Essas espécies são predominantes também ao longo de toda a costa brasileira.
A principal diferença entre os manguezais brasileiros está em suas dimensões. Nas regiões norte e nordeste, onde a variação dos limites entre as marés é maior, o manguezal apresenta bosques com até 30 metros de altura. A ilha do Caju, no delta do Parnaíba, é uma área praticamente livre da ação humana. Apesar disso, os pesquisadores já detectam os sinais da falta de cuidado com as margens dos rios e com a ocupação das franjas dos manguezais.
"Isso aqui é mais um banco de areia em formação dentro do estuário. Perto daqui, temos um já formado. Esse sistema é danificado por causa da deposição de material silicoso. Essa deposição vem do assoreamento que se verifica ao longo do rio (rio Parnaíba, que acompanha a divisa entre Maranhão e Piauí), da derrubada de vegetação e conseqüente carreação desse material para o estuário. Com essa deposição, deixa de haver a presença das bactérias que deveriam fazer a decomposição de matéria orgânica para formar novas proteínas. "
E o material orgânico daqui - as folhas do manguezal e o próprio resíduo urbano, industrial e doméstico das cidades - é todo carreado para o mar. Esse tipo de delta de mar aberto (delta do rio Parnaíba) tem esse problema: por ser de mar aberto, o delta não tem pequenos igarapés, que favoreceriam o processo de transformação dessa matéria orgânica em nitrogênio e enxofre para as novas proteínas. O material orgânico é diretamente perdido para o mar. A falta de proteínas ocasiona a perda de biomassa e todas as populações são diminuídas. Isso quer dizer o seguinte: o hábitat natural de uma conchinha, por exemplo, é em sedimento lodoso. Nos locais em que já houve deposição de material silicoso, observa-se uma grande quantidade de valvas abertas, mortas. A população delas seria muito maior, não fosse a deposição irregular do material silicoso carreado pelo rio".
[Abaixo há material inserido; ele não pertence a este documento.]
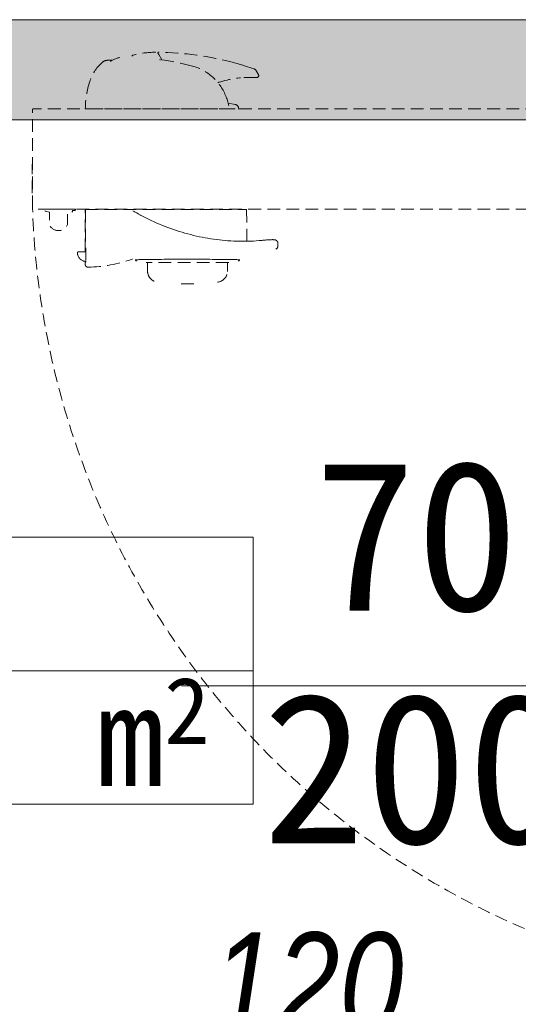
# Model space of a CAD drawing. Header units: millimetres. Extents: x -19278 to 18011, y -32369 to 41467.
# Tile 43 of 64: x -5444 to -4947, y 3663 to 4646. Entities that reach past the tile are written whole.
import ezdxf
from ezdxf.xclip import XClip

# ---------------------------------------------------------------- set-up
doc = ezdxf.new("R2010")
doc.units = ezdxf.units.MM
doc.header["$MEASUREMENT"] = 0
doc.header["$XCLIPFRAME"] = 0
doc.linetypes.add('DASHED', pattern=[19.05, 12.7, -6.35])
doc.layers.add('2D - Rysunki i Obrazki', color=7, linetype='Continuous')
for name, color, linetype, lineweight, true_color in [('PT.A.01_1_0_Nr_pióra__70_Nr_pióra__3', 7, 'Continuous', 18, 0x00bfbf), ('PT.A.01_1_Wnętrze - umeblowanie_Nr_pióra__70_Nr_pióra__3', 7, 'Continuous', 18, 0x00bfbf), ('PT.A.01_1_Wymiarowanie_Nr_pióra__133_Nr_pióra__12', 7, 'Continuous', 18, 0xb0b000), ('PT.A.01_1_Ściany wewnętrzne_Nr_pióra__70_Nr_pióra__3', 7, 'Continuous', 18, 0x00bfbf)]:
    doc.layers.add(name, color=color, linetype=linetype, lineweight=lineweight, true_color=true_color)
doc.layers.add('PT.A.01_1_Metryczki pomieszczeń ArchiCADa_Nr_pióra__200_Nr_pióra__190', color=190, linetype='Continuous', lineweight=18)
doc.layers.add('PT.A.01_1_Wnętrze - umeblowanie_Nr_pióra__101_Nr_pióra__252', color=252, linetype='Continuous', lineweight=18)
doc.styles.add('GENERATED_STYLE_1', font='txt')
doc.styles.add('GENERATED_STYLE_6', font='txt')

# ---------------------------------------------------------------- blocks, each defined once
blk = doc.blocks.new('Rysunek_1_1', base_point=(2114.36, 3072.6))
at = {"layer": 'PT.A.01_1_Wnętrze - umeblowanie_Nr_pióra__101_Nr_pióra__252', "linetype": 'Continuous'}
blk.add_hatch(color=256, dxfattribs=at).paths.add_polyline_path([(-5656.37, 4545.51), (-4556.37, 4545.51), (-4556.37, 4645.51), (-5756.37, 4645.51)])
at = {"layer": 'PT.A.01_1_Metryczki pomieszczeń ArchiCADa_Nr_pióra__200_Nr_pióra__190', "linetype": 'Continuous'}
for p, q in [((-5822.2, 4129.32), (-5211.09, 4129.32)), ((-5211.09, 4129.32), (-5211.09, 3995.99)), ((-5211.09, 3995.99), (-5822.2, 3995.99)), ((-5822.2, 3995.99), (-5211.09, 3995.99)), ((-5211.09, 3995.99), (-5211.09, 3862.66)), ((-5211.09, 3862.66), (-5822.2, 3862.66))]:
    blk.add_line(p, q, dxfattribs=at)
at = {"layer": 'PT.A.01_1_Wnętrze - umeblowanie_Nr_pióra__70_Nr_pióra__3', "linetype": 'DASHED'}
for p, q in [((-5306.23, 4612.24), (-5305.36, 4610.74)), ((-5306.23, 4612.24), (-5305.36, 4610.74)), ((-5305.36, 4610.74), (-5302.26, 4605.37)), ((-5305.36, 4610.74), (-5302.26, 4605.37)), ((-5355.82, 4605.01), (-5351.61, 4605.01)), ((-5355.82, 4605.01), (-5351.61, 4605.01)), ((-5208.15, 4594.64), (-5205.93, 4590.8)), ((-5208.15, 4594.64), (-5205.93, 4590.8)), ((-5236.01, 4562.18), (-5229.04, 4560.95)), ((-5236.01, 4562.18), (-5229.04, 4560.95)), ((-5378.57, 4556.71), (-5225.57, 4556.71)), ((-5378.57, 4556.71), (-5225.57, 4556.71)), ((-5373.57, 4556.51), (-5373.55, 4556.71)), ((-5373.57, 4556.51), (-5373.55, 4556.71)), ((-5373.57, 4556.51), (-5229.27, 4556.51)), ((-5373.57, 4556.51), (-5229.27, 4556.51)), ((-5229.27, 4556.51), (-5229.38, 4556.71)), ((-5229.27, 4556.51), (-5229.38, 4556.71)), ((-5225.57, 4556.71), (-5225.84, 4557.91)), ((-5225.57, 4556.71), (-5225.84, 4557.91)), ((-5378.57, 4414.51), (-5378.57, 4456.01)), ((-5378.57, 4456.01), (-5217.67, 4456.01)), ((-5378.57, 4414.51), (-5378.57, 4456.01)), ((-5378.57, 4456.01), (-5217.67, 4456.01)), ((-5378.43, 4456.01), (-5378.16, 4404.46)), ((-5378.43, 4456.01), (-5378.16, 4404.46)), ((-5329.96, 4454.25), (-5331.16, 4454.91)), ((-5329.96, 4454.25), (-5331.16, 4454.91)), ((-5328.78, 4453.57), (-5329.96, 4454.25)), ((-5328.78, 4453.57), (-5329.96, 4454.25)), ((-5327.25, 4452.66), (-5328.78, 4453.57)), ((-5327.25, 4452.66), (-5328.78, 4453.57)), ((-5325.75, 4451.75), (-5327.25, 4452.66)), ((-5325.75, 4451.75), (-5327.25, 4452.66)), ((-5325.75, 4451.75), (-5323.98, 4450.69)), ((-5325.75, 4451.75), (-5323.98, 4450.69)), ((-5323.98, 4450.69), (-5323.8, 4450.59)), ((-5323.98, 4450.69), (-5323.8, 4450.59)), ((-5323.8, 4450.59), (-5323.22, 4450.25)), ((-5323.8, 4450.59), (-5323.22, 4450.25)), ((-5323.22, 4450.25), (-5322.83, 4450.04)), ((-5323.22, 4450.25), (-5322.83, 4450.04)), ((-5217.67, 4456.01), (-5217.39, 4424.45)), ((-5217.67, 4456.01), (-5217.39, 4424.45)), ((-5322.83, 4450.04), (-5321.01, 4449.09)), ((-5322.83, 4450.04), (-5321.01, 4449.09)), ((-5321.01, 4449.09), (-5318.3, 4447.71)), ((-5321.01, 4449.09), (-5318.3, 4447.71)), ((-5318.3, 4447.71), (-5315.57, 4446.37)), ((-5318.3, 4447.71), (-5315.57, 4446.37)), ((-5315.57, 4446.37), (-5312.83, 4445.07)), ((-5315.57, 4446.37), (-5312.83, 4445.07)), ((-5312.83, 4445.07), (-5310.08, 4443.82)), ((-5312.83, 4445.07), (-5310.08, 4443.82)), ((-5310.08, 4443.82), (-5307.32, 4442.6)), ((-5310.08, 4443.82), (-5307.32, 4442.6)), ((-5307.32, 4442.6), (-5304.55, 4441.42)), ((-5307.32, 4442.6), (-5304.55, 4441.42)), ((-5304.55, 4441.42), (-5301.77, 4440.28)), ((-5304.55, 4441.42), (-5301.77, 4440.28)), ((-5301.77, 4440.28), (-5298.98, 4439.18)), ((-5301.77, 4440.28), (-5298.98, 4439.18)), ((-5298.98, 4439.18), (-5296.17, 4438.11)), ((-5298.98, 4439.18), (-5296.17, 4438.11)), ((-5296.17, 4438.11), (-5293.36, 4437.09)), ((-5296.17, 4438.11), (-5293.36, 4437.09)), ((-5293.36, 4437.09), (-5290.53, 4436.1)), ((-5293.36, 4437.09), (-5290.53, 4436.1)), ((-5290.53, 4436.1), (-5287.7, 4435.16)), ((-5290.53, 4436.1), (-5287.7, 4435.16)), ((-5287.7, 4435.16), (-5284.86, 4434.26)), ((-5287.7, 4435.16), (-5284.86, 4434.26)), ((-5284.86, 4434.26), (-5282.02, 4433.39)), ((-5284.86, 4434.26), (-5282.02, 4433.39)), ((-5282.02, 4433.39), (-5279.17, 4432.57)), ((-5282.02, 4433.39), (-5279.17, 4432.57)), ((-5279.17, 4432.57), (-5276.31, 4431.78)), ((-5279.17, 4432.57), (-5276.31, 4431.78)), ((-5276.31, 4431.78), (-5273.45, 4431.03)), ((-5276.31, 4431.78), (-5273.45, 4431.03)), ((-5273.45, 4431.03), (-5270.58, 4430.33)), ((-5273.45, 4431.03), (-5270.58, 4430.33)), ((-5270.58, 4430.33), (-5267.71, 4429.66)), ((-5270.58, 4430.33), (-5267.71, 4429.66)), ((-5267.71, 4429.66), (-5264.85, 4429.03)), ((-5267.71, 4429.66), (-5264.85, 4429.03)), ((-5264.85, 4429.03), (-5261.98, 4428.45)), ((-5264.85, 4429.03), (-5261.98, 4428.45)), ((-5261.98, 4428.45), (-5259.12, 4427.9)), ((-5261.98, 4428.45), (-5259.12, 4427.9)), ((-5259.12, 4427.9), (-5256.26, 4427.4)), ((-5259.12, 4427.9), (-5256.26, 4427.4)), ((-5256.26, 4427.4), (-5253.4, 4426.93)), ((-5256.26, 4427.4), (-5253.4, 4426.93)), ((-5253.4, 4426.93), (-5250.54, 4426.5)), ((-5253.4, 4426.93), (-5250.54, 4426.5)), ((-5250.54, 4426.5), (-5247.69, 4426.12)), ((-5250.54, 4426.5), (-5247.69, 4426.12)), ((-5247.69, 4426.12), (-5244.83, 4425.77)), ((-5247.69, 4426.12), (-5244.83, 4425.77)), ((-5244.83, 4425.77), (-5241.98, 4425.46)), ((-5244.83, 4425.77), (-5241.98, 4425.46)), ((-5241.98, 4425.46), (-5239.14, 4425.19)), ((-5241.98, 4425.46), (-5239.14, 4425.19)), ((-5239.14, 4425.19), (-5236.29, 4424.97)), ((-5239.14, 4425.19), (-5236.29, 4424.97)), ((-5236.29, 4424.97), (-5233.45, 4424.78)), ((-5236.29, 4424.97), (-5233.45, 4424.78)), ((-5233.45, 4424.78), (-5230.61, 4424.63)), ((-5233.45, 4424.78), (-5230.61, 4424.63)), ((-5230.61, 4424.63), (-5227.77, 4424.52)), ((-5230.61, 4424.63), (-5227.77, 4424.52)), ((-5227.77, 4424.52), (-5224.94, 4424.44)), ((-5227.77, 4424.52), (-5224.94, 4424.44)), ((-5224.94, 4424.44), (-5222.11, 4424.41)), ((-5224.94, 4424.44), (-5222.11, 4424.41)), ((-5222.11, 4424.41), (-5219.29, 4424.42)), ((-5222.11, 4424.41), (-5219.29, 4424.42)), ((-5219.29, 4424.42), (-5216.48, 4424.47)), ((-5219.29, 4424.42), (-5216.48, 4424.47)), ((-5216.48, 4424.47), (-5213.68, 4424.55)), ((-5216.48, 4424.47), (-5213.68, 4424.55)), ((-5213.68, 4424.55), (-5210.88, 4424.68)), ((-5213.68, 4424.55), (-5210.88, 4424.68)), ((-5210.88, 4424.68), (-5208.1, 4424.85)), ((-5210.88, 4424.68), (-5208.1, 4424.85)), ((-5208.1, 4424.85), (-5205.32, 4425.05)), ((-5208.1, 4424.85), (-5205.32, 4425.05)), ((-5205.32, 4425.05), (-5202.54, 4425.3)), ((-5205.32, 4425.05), (-5202.54, 4425.3)), ((-5202.54, 4425.3), (-5202.3, 4425.32)), ((-5202.54, 4425.3), (-5202.3, 4425.32)), ((-5202.3, 4425.32), (-5201.44, 4425.4)), ((-5202.3, 4425.32), (-5201.44, 4425.4)), ((-5201.44, 4425.4), (-5200.51, 4425.49)), ((-5201.44, 4425.4), (-5200.51, 4425.49)), ((-5200.51, 4425.49), (-5199.6, 4425.57)), ((-5200.51, 4425.49), (-5199.6, 4425.57)), ((-5199.6, 4425.57), (-5198.73, 4425.65)), ((-5199.6, 4425.57), (-5198.73, 4425.65)), ((-5198.73, 4425.65), (-5197.88, 4425.72)), ((-5198.73, 4425.65), (-5197.88, 4425.72)), ((-5197.88, 4425.72), (-5197.05, 4425.78)), ((-5197.88, 4425.72), (-5197.05, 4425.78)), ((-5197.05, 4425.78), (-5196.26, 4425.84)), ((-5197.05, 4425.78), (-5196.26, 4425.84)), ((-5196.26, 4425.84), (-5195.49, 4425.89)), ((-5196.26, 4425.84), (-5195.49, 4425.89)), ((-5195.49, 4425.89), (-5194.76, 4425.94)), ((-5195.49, 4425.89), (-5194.76, 4425.94)), ((-5194.76, 4425.94), (-5194.06, 4425.97)), ((-5194.76, 4425.94), (-5194.06, 4425.97)), ((-5194.06, 4425.97), (-5193.4, 4426)), ((-5194.06, 4425.97), (-5193.4, 4426)), ((-5193.4, 4426), (-5192.78, 4426.02)), ((-5193.4, 4426), (-5192.78, 4426.02)), ((-5192.78, 4426.02), (-5192.2, 4426.04)), ((-5192.78, 4426.02), (-5192.2, 4426.04)), ((-5192.2, 4426.04), (-5191.65, 4426.04)), ((-5192.2, 4426.04), (-5191.65, 4426.04)), ((-5191.65, 4426.04), (-5191.14, 4426.03)), ((-5191.65, 4426.04), (-5191.14, 4426.03)), ((-5191.14, 4426.03), (-5190.67, 4426.02)), ((-5191.14, 4426.03), (-5190.67, 4426.02)), ((-5190.67, 4426.02), (-5190.22, 4426)), ((-5190.67, 4426.02), (-5190.22, 4426)), ((-5190.22, 4426), (-5189.81, 4425.96)), ((-5190.22, 4426), (-5189.81, 4425.96)), ((-5189.81, 4425.96), (-5189.43, 4425.91)), ((-5189.81, 4425.96), (-5189.43, 4425.91)), ((-5189.43, 4425.91), (-5189.07, 4425.84)), ((-5189.43, 4425.91), (-5189.07, 4425.84)), ((-5189.07, 4425.84), (-5188.75, 4425.75)), ((-5189.07, 4425.84), (-5188.75, 4425.75)), ((-5188.75, 4425.75), (-5188.52, 4425.65)), ((-5188.75, 4425.75), (-5188.52, 4425.65)), ((-5188.52, 4425.65), (-5188.34, 4425.55)), ((-5188.52, 4425.65), (-5188.34, 4425.55)), ((-5188.34, 4425.55), (-5188.18, 4425.42)), ((-5188.34, 4425.55), (-5188.18, 4425.42)), ((-5188.18, 4425.42), (-5188.12, 4425.37)), ((-5188.18, 4425.42), (-5188.12, 4425.37)), ((-5188.12, 4425.37), (-5187.92, 4425.14)), ((-5188.12, 4425.37), (-5187.92, 4425.14)), ((-5187.92, 4425.14), (-5187.68, 4424.87)), ((-5187.92, 4425.14), (-5187.68, 4424.87)), ((-5187.68, 4424.87), (-5187.48, 4424.63)), ((-5187.68, 4424.87), (-5187.48, 4424.63)), ((-5187.48, 4424.63), (-5187.31, 4424.43)), ((-5187.48, 4424.63), (-5187.31, 4424.43)), ((-5187.31, 4424.43), (-5187.17, 4424.27)), ((-5187.31, 4424.43), (-5187.17, 4424.27)), ((-5187.17, 4424.27), (-5187.06, 4424.15)), ((-5187.17, 4424.27), (-5187.06, 4424.15)), ((-5187.06, 4424.15), (-5186.98, 4424.06)), ((-5187.06, 4424.15), (-5186.98, 4424.06)), ((-5186.98, 4424.06), (-5186.93, 4424)), ((-5186.98, 4424.06), (-5186.93, 4424)), ((-5186.93, 4424), (-5186.92, 4423.99)), ((-5186.93, 4424), (-5186.92, 4423.99)), ((-5186.67, 4423.33), (-5186.67, 4419.34)), ((-5186.67, 4423.33), (-5186.67, 4419.34)), ((-5385.42, 4413.91), (-5378.21, 4413.91)), ((-5385.42, 4413.91), (-5378.21, 4413.91)), ((-5378.57, 4414.51), (-5378.21, 4414.51)), ((-5378.57, 4414.51), (-5378.21, 4414.51)), ((-5378.71, 4403.51), (-5378.21, 4403.51)), ((-5378.69, 4401.52), (-5378.71, 4403.51)), ((-5378.71, 4403.51), (-5378.21, 4403.51)), ((-5378.69, 4401.52), (-5378.71, 4403.51)), ((-5378.21, 4403.51), (-5378.19, 4403.57)), ((-5378.21, 4403.51), (-5378.19, 4403.57)), ((-5378.19, 4403.57), (-5378.17, 4403.73)), ((-5378.19, 4403.57), (-5378.17, 4403.73)), ((-5378.17, 4403.73), (-5378.16, 4403.98)), ((-5378.17, 4403.73), (-5378.16, 4403.98)), ((-5378.16, 4404.29), (-5378.16, 4404.46)), ((-5378.16, 4404.29), (-5378.16, 4404.46)), ((-5378.16, 4403.98), (-5378.16, 4404.29)), ((-5378.16, 4403.98), (-5378.16, 4404.29)), ((-5328.83, 4406.03), (-5328.91, 4406.03)), ((-5328.83, 4406.03), (-5328.91, 4406.03)), ((-5328.59, 4406.04), (-5328.83, 4406.03)), ((-5328.59, 4406.04), (-5328.83, 4406.03)), ((-5328.19, 4406.04), (-5328.59, 4406.04)), ((-5328.19, 4406.04), (-5328.59, 4406.04)), ((-5328.47, 4405.82), (-5328.47, 4406.04)), ((-5328.47, 4405.82), (-5328.47, 4406.04)), ((-5327.62, 4406.05), (-5328.19, 4406.04)), ((-5327.62, 4406.05), (-5328.19, 4406.04)), ((-5326.88, 4406.07), (-5327.62, 4406.05)), ((-5326.88, 4406.07), (-5327.62, 4406.05)), ((-5326, 4406.08), (-5326.88, 4406.07)), ((-5326, 4406.08), (-5326.88, 4406.07)), ((-5324.95, 4406.1), (-5326, 4406.08)), ((-5324.95, 4406.1), (-5326, 4406.08)), ((-5323.76, 4406.12), (-5324.95, 4406.1)), ((-5323.76, 4406.12), (-5324.95, 4406.1)), ((-5322.42, 4406.15), (-5323.76, 4406.12)), ((-5322.42, 4406.15), (-5323.76, 4406.12)), ((-5320.93, 4406.17), (-5322.42, 4406.15)), ((-5320.93, 4406.17), (-5322.42, 4406.15)), ((-5319.29, 4406.2), (-5320.93, 4406.17)), ((-5319.29, 4406.2), (-5320.93, 4406.17)), ((-5317.53, 4406.22), (-5319.29, 4406.2)), ((-5317.53, 4406.22), (-5319.29, 4406.2)), ((-5235.67, 4403.26), (-5317.67, 4403.26)), ((-5235.67, 4403.26), (-5317.67, 4403.26)), ((-5315.63, 4406.25), (-5317.53, 4406.22)), ((-5315.63, 4406.25), (-5317.53, 4406.22)), ((-5316.5, 4394.44), (-5316.65, 4403.26)), ((-5316.5, 4394.44), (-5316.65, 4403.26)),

Ainda em função do trabalho de preservação da ilha do Caju, é possível encontrar uma fauna rica e bem desenvolvida, como os belos caranguejos-uçá. A produção dos manguezais do delta do Parnaíba ainda é muito grande: os catadores da região fornecem caranguejos para todo o norte e nordeste, com algumas sobras para exportação. Mas a maior parte da produção de carne de caranguejos na região é processada ainda em regime familiar, gerando uma renda insuficiente.

Manguezal em Recife (PE): ação predatória
Foi a exploração predatória do manguezal, associada à destruição do hábitat, que praticamente esgotou a produção de caranguejos na região de Recife, em Pernambuco. A captura é feita, muitas vezes, com redes de plástico que emaranham os animais e matam indiferentemente filhotes machos e fêmeas. O resultado é o empobrecimento da energia produtiva do ecossistema e da população que vive em torno do manguezal.

A lama escura do manguezal é banhada pelas águas salobras do estuário. Quando a maré recua, os caranguejos saem da toca. Eles realizam um importante trabalho de movimentação constante do sedimento do manguezal, construindo galerias e trazendo para a superfície parte dos sedimentos, rica em nutrientes, que vai ser transportada pelas águas do estuário na próxima maré.
Se a captura de caranguejos for muito superior à capacidade de reprodução das espécies, o manguezal perderá um elo muito importante da sua cadeia alimentar. É verdade que os caranguejos se reproduzem em boa quantidade, mas é importante encontrar um ponto de equilíbrio, uma forma sustentável de explorar esse recurso do ecossistema.